A more Hollywood style romance would fly off the rails at this point adding mobsters, thieves or something supernatural to the plot in order to give the characters something more to do than just walk and talk. Writer-Director Richard Linklater is more confident in his writing and especially his dialogue to need any Hollywoodized plot devices. His dialogue and his two amazing actors are all the devices he needs.

As Jesse and Celine laconically wander the streets of Vienna, their conversations twist and turn through such diverse topics as reincarnation (they both believe but Jesse has a unique theory), Feminism (Celine believes it may be a conspiracy to get woman to act more like men so they will have sex more), and the inevitable discussion of each other’s pasts which they handle in part with fake phone calls to best friends.

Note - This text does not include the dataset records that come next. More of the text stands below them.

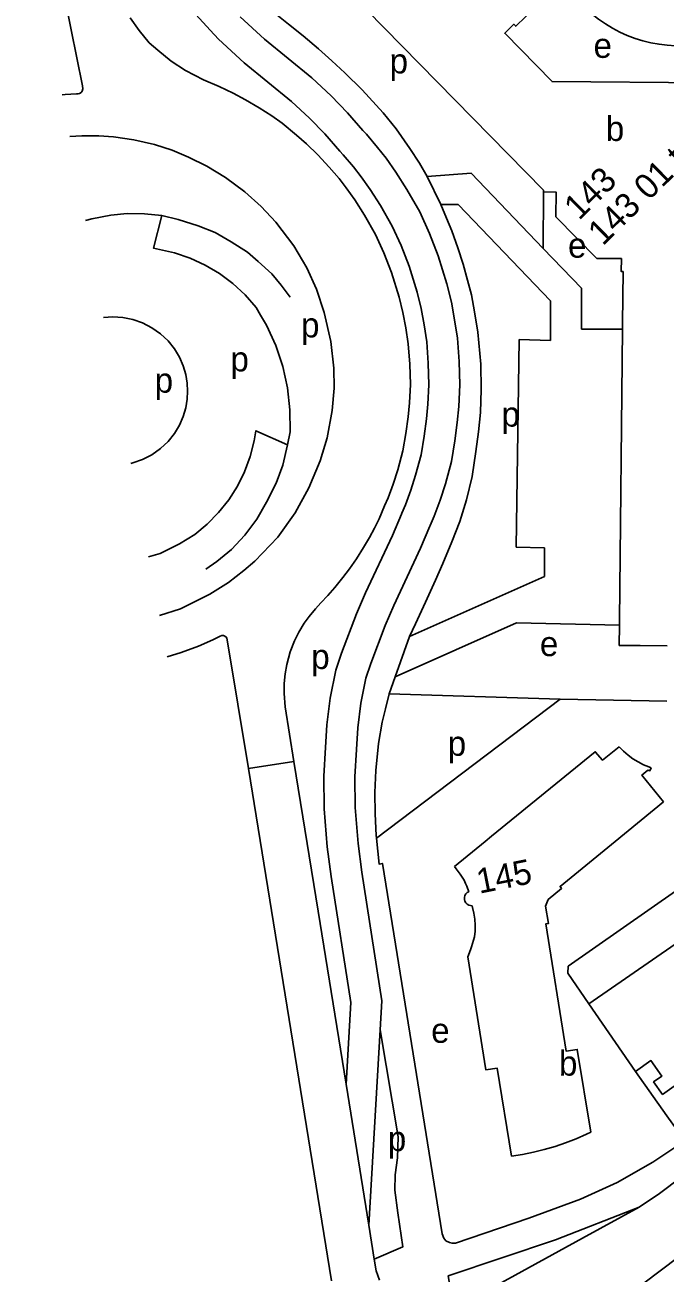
# Model space of a CAD drawing. Extents: x 159261 to 160849, y 382514 to 384534.
# Drawn here: x 159331.2 to 159434.5, y 383430.4 to 383631.8 of the extents above; entities that cross this region are included whole.
import ezdxf

# ---------------------------------------------------------------- set-up
doc = ezdxf.new("R2010")
doc.units = 0
for name, color, linetype in [('BLT_Basislijn', 7, 'Continuous'), ('BLT_Bebouwing', 7, 'Continuous'), ('BLT_Centroide', 7, 'Continuous'), ('BLT_Huisnummer_reeks', 7, 'Continuous'), ('BLT_Vlakafsluiter', 7, 'Continuous')]:
    doc.layers.add(name, color=color, linetype=linetype)

msp = doc.modelspace()

# ---------------------------------------------------------------- linework, layer by layer
at = {"layer": 'BLT_Basislijn'}
for p, q in [((159396.12, 383607.31), (159398.32, 383602.79)), ((159414.91, 383604.83), (159414.85, 383595.7)), ((159421.02, 383582.65), (159427.63, 383582.65)), ((159410.94, 383581.03), (159410.5, 383547.5)), ((159410.94, 383581.03), (159416.02, 383580.87)), ((159410.5, 383547.5), (159415.03, 383547.4)), ((159415.04, 383542.74), (159415.03, 383547.4)), ((159415.04, 383542.74), (159393.25, 383533.09)), ((159410.53, 383535.26), (159390.94, 383526.55)), ((159410.53, 383535.26), (159427.14, 383534.9)), ((159393.25, 383533.09), (159390.94, 383526.55)), ((159390.94, 383526.55), (159389.98, 383523.83)), ((159389.98, 383523.83), (159417.58, 383522.94)), ((159417.58, 383522.94), (159434.78, 383522.62)), ((159456.51, 383497.57), (159422.23, 383473.79)), ((159383.01, 383460.82), (159383.79, 383474.02)), ((159388.54, 383469.58), (159388.82, 383474.26)), ((159429.76, 383462.87), (159422.23, 383473.79)), ((159386.68, 383438.08), (159388.54, 383469.58))]:
    msp.add_line(p, q, dxfattribs=at)
for points in [[(159337.17, 383620.51), (159337.66, 383620.55), (159339.48, 383620.64), (159339.77, 383620.64), (159340, 383620.72), (159340.23, 383620.87), (159340.41, 383621.11), (159340.54, 383621.47), (159340.49, 383621.94), (159337.73, 383635.51), (159335.41, 383645.78), (159331.18, 383663.3)], [(159351.83, 383662.22), (159352.73, 383660.02), (159354.89, 383655.62), (159357.39, 383651.19), (159360, 383647.14), (159363.37, 383642.71), (159365.87, 383639.52), (159368.35, 383636.77), (159371.06, 383634.06), (159373.7, 383631.88), (159376.07, 383630), (159378.58, 383627.91), (159380.71, 383625.99), (159382.83, 383624.07), (159385.62, 383621.28), (159389, 383617.58), (159391.09, 383615), (159393.29, 383611.81), (159394.9, 383609.44), (159396.12, 383607.31)], [(159415.94, 383643.23), (159416.42, 383641.99), (159416.98, 383640.77), (159417.6, 383639.6), (159418.3, 383638.46), (159419.06, 383637.36), (159419.89, 383636.32), (159420.78, 383635.33), (159421.73, 383634.39), (159422.73, 383633.51), (159423.78, 383632.69), (159424.88, 383631.93), (159426.02, 383631.24), (159427.2, 383630.63), (159428.42, 383630.08), (159429.67, 383629.61), (159430.94, 383629.21), (159432.24, 383628.9), (159433.55, 383628.65), (159434.87, 383628.49), (159436.2, 383628.41), (159437.4, 383628.41)], [(159348.15, 383632.92), (159349.6, 383630.9), (159351.25, 383628.91), (159352.62, 383627.69), (159354.81, 383625.91), (159357.09, 383624.44), (159360.02, 383622.92), (159362.56, 383621.85), (159364.81, 383620.77), (159366.8, 383619.7), (159369, 383618.4), (159371.03, 383617.08), (159372.68, 383615.93), (159375.01, 383614), (159376.61, 383612.6), (159378.48, 383610.81), (159380.3, 383608.84), (159381.88, 383606.97), (159383.05, 383605.47), (159384.42, 383603.54), (159386, 383601.08), (159387.78, 383597.95), (159389.12, 383595), (159390.36, 383591.84), (159391.59, 383587.86), (159392.21, 383585.37), (159392.66, 383582.88), (159393.05, 383580.3), (159393.29, 383577.04), (159393.4, 383573.75), (159393.25, 383570.81), (159393.02, 383568.53), (159392.68, 383565.85), (159392.2, 383563.03), (159391.37, 383559.98), (159390.65, 383557.68), (159389.83, 383555.48), (159389.24, 383554.14), (159388.38, 383552.08), (159387.61, 383550.57), (159386.82, 383549.03), (159385.86, 383547.43), (159384.73, 383545.61), (159383.58, 383544), (159382.51, 383542.59), (159381.21, 383540.99), (159380.05, 383539.67), (159378.96, 383538.5), (159378.07, 383537.52), (159377.05, 383536.32), (159376.28, 383535.23), (159375.41, 383533.76), (159374.72, 383532.37), (159374.02, 383530.62), (159373.47, 383528.56), (159373.19, 383527.05), (159373.03, 383525.5), (159373, 383523.89), (159373.2, 383521.75), (159374.6, 383512.9)], [(159358.19, 383634.12), (159361.07, 383630.91), (159362.42, 383629.5), (159366.56, 383625.67), (159374.2, 383619.43), (159377.13, 383616.73), (159379.58, 383614.2), (159381.99, 383611.42), (159382.55, 383610.82), (159384.21, 383608.86), (159385.45, 383607.26), (159386.9, 383605.21), (159388.56, 383602.63), (159390.46, 383599.32), (159391.89, 383596.17), (159393.19, 383592.83), (159394.49, 383588.67), (159395.15, 383586), (159395.62, 383583.37), (159396.04, 383580.64), (159396.29, 383577.2), (159396.4, 383573.72), (159396.24, 383570.58), (159396, 383568.19), (159395.64, 383565.41), (159395.13, 383562.39), (159394.25, 383559.14), (159393.49, 383556.7), (159392.61, 383554.35), (159392, 383552.97), (159391.95, 383552.84), (159390.49, 383549.36), (159386.18, 383540.12), (159384.72, 383536.76), (159382.29, 383530.39), (159381.38, 383527.65), (159380.44, 383523.14), (159379.94, 383518.82), (159379.68, 383515.16), (159379.44, 383510.53), (159379.48, 383505.27), (159379.99, 383499.13), (159380.62, 383494.34), (159383.79, 383474.02)], [(159365.93, 383633.07), (159369.84, 383629.45), (159377.48, 383623.21), (159380.62, 383620.31), (159383.27, 383617.58), (159385.72, 383614.76), (159386.3, 383614.13), (159388.09, 383612.01), (159389.47, 383610.25), (159391.05, 383608.01), (159392.84, 383605.23), (159394.91, 383601.6), (159396.5, 383598.11), (159397.91, 383594.49), (159399.3, 383590.01), (159400.04, 383587.04), (159400.55, 383584.19), (159401.01, 383581.21), (159401.28, 383577.46), (159401.4, 383573.67), (159401.23, 383570.2), (159400.97, 383567.62), (159400.59, 383564.67), (159400.02, 383561.32), (159399.05, 383557.74), (159398.22, 383555.08), (159397.24, 383552.48), (159396.6, 383551.01), (159396.56, 383550.91), (159395.06, 383547.33), (159390.74, 383538.07), (159389.35, 383534.88), (159387, 383528.72), (159386.22, 383526.35), (159385.38, 383522.34), (159384.92, 383518.36), (159384.68, 383514.86), (159384.45, 383510.41), (159384.48, 383505.5), (159384.97, 383499.66), (159385.57, 383495.05), (159388.82, 383474.26)], [(159352.89, 383536.46), (159356.31, 383537.53), (159361.03, 383539.92), (159364.05, 383541.82), (159366.5, 383543.71), (159368.27, 383545.23), (159371.98, 383549.1), (159374.8, 383553.02), (159377.03, 383557.07), (159378.85, 383561.43), (159379.98, 383565.14), (159380.77, 383569.53), (159381.08, 383573.14), (159381.02, 383576.36), (159380.56, 383580.69), (159379.5, 383585.39), (159378.26, 383589.14), (159376.66, 383592.55), (159374.57, 383596.12), (159371.69, 383599.93), (159369.29, 383602.48), (159366.69, 383604.82), (159363.56, 383607.13), (159360.52, 383608.98), (159357.59, 383610.42), (159354.95, 383611.55), (159352.07, 383612.48), (159348.77, 383613.23), (159345.49, 383613.7), (159343.09, 383613.87), (159340.38, 383613.88), (159338.42, 383613.77)], [(159396.12, 383607.31), (159403.19, 383607.85), (159414.85, 383595.7)], [(159398.32, 383602.79), (159399.23, 383600.59), (159400.07, 383598.54), (159401.08, 383595.79), (159401.94, 383593.15), (159402.63, 383590.57), (159403.25, 383588.2), (159403.76, 383585.49), (159404.27, 383582.17), (159404.79, 383577.04), (159404.83, 383572.92), (159404.72, 383569.25), (159404.41, 383566.13), (159403.98, 383562.93), (159403.35, 383558.92), (159402.46, 383555.14), (159401.39, 383551.64), (159400.12, 383548.34), (159398.63, 383544.87), (159397.45, 383542.19), (159395.84, 383538.62), (159394.25, 383535.13), (159393.25, 383533.09)], [(159398.32, 383602.79), (159401.11, 383602.79), (159416.02, 383587.26), (159416.02, 383580.87)], [(159340.95, 383600.21), (159341.96, 383600.48), (159345.05, 383601.06), (159347.69, 383601.34), (159350.48, 383601.3), (159353.26, 383601.03)], [(159353.26, 383601.03), (159351.94, 383595.74), (159355.31, 383595.02), (159357.85, 383594.16), (159360.29, 383593.03), (159362.6, 383591.65), (159364.76, 383590.03), (159366.73, 383588.2), (159368.5, 383586.18), (159369.21, 383584.96), (159370.18, 383583.3), (159371.66, 383580.05), (159372.79, 383576.67), (159373.56, 383573.19), (159373.96, 383569.66), (159374, 383566.1), (159373.57, 383564.02)], [(159353.26, 383601.03), (159355.93, 383600.37), (159359.16, 383599.34), (159361.87, 383598.25), (159364.48, 383596.77), (159367.13, 383595.12), (159368.84, 383593.61), (159371.01, 383591.62), (159372.55, 383589.76), (159374, 383587.83)], [(159414.85, 383595.7), (159421.02, 383589.27), (159421.02, 383582.65)], [(159357.44, 383572.67), (159357.37, 383573.98), (159357.14, 383575.34), (159356.73, 383576.75), (159356.12, 383578.15), (159355.3, 383579.51), (159354.28, 383580.79), (159353.06, 383581.94), (159351.68, 383582.91), (159350.18, 383583.69), (159348.59, 383584.25), (159346.98, 383584.57), (159345.37, 383584.67), (159343.86, 383584.56)], [(159348.27, 383561.02), (159348.59, 383561.09), (159350.18, 383561.64), (159351.68, 383562.42), (159353.06, 383563.4), (159354.28, 383564.55), (159355.3, 383565.82), (159356.12, 383567.19), (159356.73, 383568.59), (159357.14, 383569.99), (159357.37, 383571.36), (159357.44, 383572.67)], [(159373.57, 383564.02), (159368.46, 383566.27), (159368.19, 383564.67), (159367.54, 383562.14), (159366.63, 383559.68), (159365.47, 383557.34), (159364.07, 383555.13), (159362.44, 383553.08), (159360.61, 383551.21), (159358.6, 383549.54), (159356.12, 383548.01), (159353, 383546.5), (159351.11, 383545.93)], [(159373.57, 383564.02), (159372.79, 383560.73), (159371.73, 383557.82), (159370.18, 383554.74), (159368.59, 383552), (159366.7, 383549.44), (159364.5, 383547.12), (159362.18, 383545.16), (159360.4, 383543.93)], [(159367.26, 383511.76), (159363.84, 383532.55), (159363.79, 383532.79), (159363.67, 383532.99), (159363.46, 383533.16), (159363.22, 383533.25), (159362.94, 383533.25), (159362.67, 383533.14), (159361.49, 383532.55), (159359.21, 383531.54), (159356.38, 383530.49), (159354.15, 383529.8)], [(159389.98, 383523.83), (159389.38, 383521.41), (159388.84, 383519.26), (159388.28, 383515.83), (159387.8, 383511.48), (159387.66, 383507.89), (159387.73, 383504.46), (159387.9, 383500.99), (159387.94, 383500.54)], [(159417.58, 383522.94), (159387.94, 383500.54)], [(159374.6, 383512.9), (159378.51, 383488.75), (159383.01, 383460.82)], [(159380.67, 383429.12), (159367.26, 383511.76)], [(159422.23, 383473.79), (159418.8, 383478.76), (159418.9, 383479.86), (159458, 383507.23)], [(159387.94, 383500.54), (159388.35, 383496.34), (159388.9, 383496.45), (159398.52, 383436.7), (159398.78, 383435.98), (159399.15, 383435.57), (159399.71, 383435.26), (159400.13, 383435.17), (159400.66, 383435.2)], [(159430.35, 383440.97), (159433.6, 383443.17), (159492.79, 383487.8), (159505.65, 383497.5)], [(159388.54, 383469.58), (159391.44, 383452.32), (159391.34, 383448.96), (159390.94, 383446.23), (159390.9, 383443.72), (159391.4, 383440.07), (159392.21, 383434.6), (159387.56, 383432.62)], [(159437.72, 383451.68), (159432.56, 383448.25), (159426.76, 383444.96), (159420.88, 383442.27), (159412.54, 383439.19), (159400.66, 383435.2)], [(159400.42, 383424.47), (159399.52, 383429.88), (159416.81, 383435.73), (159430.35, 383440.97)], [(159430.35, 383440.97), (159421.19, 383435.97), (159402.7, 383425.8), (159400.42, 383424.47)], [(159386.68, 383438.08), (159387.56, 383432.62)], [(159439.63, 383435.19), (159399.52, 383404.89)], [(159387.56, 383432.62), (159387.87, 383430.7), (159388.43, 383429.2)]]:
    msp.add_lwpolyline(points, dxfattribs=at)
at = {"layer": 'BLT_Bebouwing'}
for p, q in [((159427.15, 383535.65), (159427.63, 383582.65)), ((159427.63, 383582.65), (159427.64, 383583.62)), ((159427.14, 383534.9), (159427.15, 383535.65)), ((159402.07, 383493.77), (159402.31, 383493.2)), ((159403.75, 383484.6), (159403.25, 383483))]:
    msp.add_line(p, q, dxfattribs=at)
for points in [[(159414.91, 383604.83), (159414.91, 383605.09), (159377.74, 383643)], [(159441.32, 383622.41), (159416.28, 383622.63), (159408.65, 383630.42), (159410.11, 383631.88), (159410.41, 383631.56), (159413.55, 383634.59), (159407.48, 383640.88)], [(159427.64, 383583.62), (159427.73, 383591.98), (159427.44, 383591.98), (159427.47, 383594.06), (159423.52, 383594.06), (159416.9, 383600.8), (159416.93, 383604.81), (159414.91, 383604.83)], [(159430.52, 383531.61), (159427.11, 383531.63), (159427.14, 383534.9)], [(159434.85, 383531.6), (159430.52, 383531.61)], [(159427.13, 383515.26), (159424.43, 383513.1), (159423.26, 383514.48), (159406.52, 383500.86)], [(159427.13, 383515.26), (159427.81, 383514.56), (159428.54, 383513.92), (159429.33, 383513.34), (159430.15, 383512.83), (159431.02, 383512.39), (159431.92, 383512.03), (159432.27, 383511.9)], [(159434.29, 383506.4), (159430.77, 383510.72), (159431.73, 383511.52), (159432.07, 383511.42), (159432.27, 383511.9)], [(159422.53, 383453.1), (159420.34, 383466.43), (159418.57, 383466.16), (159415.26, 383486.7), (159415.68, 383486.76), (159415.22, 383489.58), (159415.62, 383490.61), (159417.82, 383492.42), (159417.56, 383492.74), (159426.45, 383500), (159434.29, 383506.4)], [(159406.52, 383500.86), (159405.47, 383500), (159400.5, 383495.96)], [(159402.07, 383493.77), (159401.46, 383494.71), (159400.79, 383495.61), (159400.5, 383495.96)], [(159402.84, 383491.89), (159402.57, 383491.74), (159402.36, 383491.53), (159402.2, 383491.26), (159402.12, 383490.97), (159402.12, 383490.66), (159402.2, 383490.37), (159402.35, 383490.1), (159402.57, 383489.88), (159402.83, 383489.73), (159403.12, 383489.65), (159403.36, 383489.64)], [(159402.84, 383491.89), (159402.49, 383492.8), (159402.31, 383493.2)], [(159403.75, 383484.6), (159403.85, 383485.55), (159403.87, 383486.51), (159403.81, 383487.46), (159403.67, 383488.41), (159403.45, 383489.34), (159403.36, 383489.64)], [(159402.68, 383481.4), (159403.09, 383482.49), (159403.25, 383483)], [(159402.68, 383481.4), (159405.59, 383463.13), (159407.41, 383463.43), (159409.7, 383449.21)], [(159429.76, 383462.87), (159432.24, 383464.63), (159434.01, 383462.15), (159432.67, 383461.2), (159434.11, 383459.17), (159438.27, 383462.12)], [(159437.72, 383451.68), (159434.82, 383455.75), (159429.76, 383462.87)], [(159409.7, 383449.21), (159411.49, 383449.48), (159413.26, 383449.84), (159415.02, 383450.27), (159416.76, 383450.78), (159418.47, 383451.36), (159420.16, 383452.02), (159421.81, 383452.76), (159422.53, 383453.1)]]:
    msp.add_lwpolyline(points, dxfattribs=at)
at = {"layer": 'BLT_Vlakafsluiter'}
for p, q in [((159374.6, 383512.9), (159367.26, 383511.76)), ((159383.01, 383460.82), (159386.68, 383438.08))]:
    msp.add_line(p, q, dxfattribs=at)

# ---------------------------------------------------------------- texts
at = {"layer": 'BLT_Centroide'}
for s, p in [('e', (159422.97, 383626.46)), ('p', (159390.05, 383623.95)), ('b', (159424.95, 383613.05)), ('e', (159418.85, 383594.21)), ('p', (159375.75, 383581.35)), ('p', (159364.35, 383575.86)), ('p', (159352.12, 383572.43)), ('p', (159408.11, 383566.95)), ('e', (159414.31, 383529.91)), ('p', (159377.4, 383527.84)), ('p', (159399.43, 383513.83)), ('e', (159396.76, 383467.51)), ('b', (159417.39, 383462.22)), ('p', (159389.76, 383450.04))]:
    msp.add_text(s, height=4, dxfattribs=at).set_placement(p)
at = {"layer": 'BLT_Huisnummer_reeks'}
for s, rotation, p in [('143 01 t/m 143 337', 44.538, (159424.47, 383596.02)), ('143', 44.538, (159420.62, 383600.11)), ('145', 11.2727, (159404.52, 383491.56))]:
    msp.add_text(s, height=4, rotation=rotation, dxfattribs=at).set_placement(p)

doc.saveas('drawing.dxf')
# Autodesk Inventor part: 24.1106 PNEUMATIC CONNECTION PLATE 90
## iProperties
Created: 2007-01
Part Number: 24.1106 PNEUMATIC CONNECTION PLATE 90
Document SubType Name: Modeling
Designer: Andy Moles
Material: Aluminum-6061
Mass: 308.206 g
Surface Area: 230.196 cm^2
Volume: 113.729 cm^3
Density: 2.71 g/cm^3
Author: Andy Moles
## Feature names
1. Extrusion1
2. Hole1
3. Hole2
4. Fillet1
5. Hole3
6. Hole4
7. Extrusion2
8. Chamfer1
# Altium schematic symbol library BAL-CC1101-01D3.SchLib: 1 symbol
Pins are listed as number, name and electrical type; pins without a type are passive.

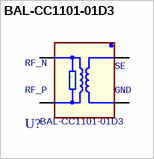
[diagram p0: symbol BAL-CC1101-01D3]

## BAL-CC1101-01D3
designator U?
footprint ST_CSP4N50x120P2x2_202x105x69 (Footprint not found)
pins: A1 SE, A2 RF_N, B1 GND, B2 RF_P

The conversations border on cuteness but the two actors are good at steering away from anything that might be considered cloying. Julie Delpy is a revelation. She looks like your classic French ingenue, the type of shrinking violet that could be blown away by a stiff wind. She changes that right from the start by jumping right into the heavy conversation with the sardonic and clever Hawke and matching him word for clever word. She also curses like a sailor, but an unbelievably sexy French sailor.

What a wonderfully romantic idea. Meeting a stranger on a train and falling in love in some far out foreign locale for only one night. I have always thought it would be amazing to go Europe with a backpack full of books and a laptop of my own writing and just wander until I find my muse. Before Sunrise allowed me to lose myself in that fantasy with two characters who's wit, intelligence and romance could be just the inspiration I would need.

The sequel, Before Sunset, hits theaters in July 2004 and though I haven't seen it yet, the idea of it evokes Claude Lelouche's masterpiece A Man and A Woman and it's sequel of the same title set 20 years later. Both films are romantic and smart, following strangers who fall in love only to separate soon after. Hopefully, Before Sunset will be a more successful follow up than Lelouche's follow-up, which damaged the first film’s legacy as a classic. I doubt that would happen to Linklater who has yet to make a bad film, at least from this critic’s perspective.

If Before Sunset can manage to be as witty, romantic and poetic as Before Sunrise, then those of us who enjoy movies without the aid of special effects and blaring soundtracks will have something to look forward to this summer.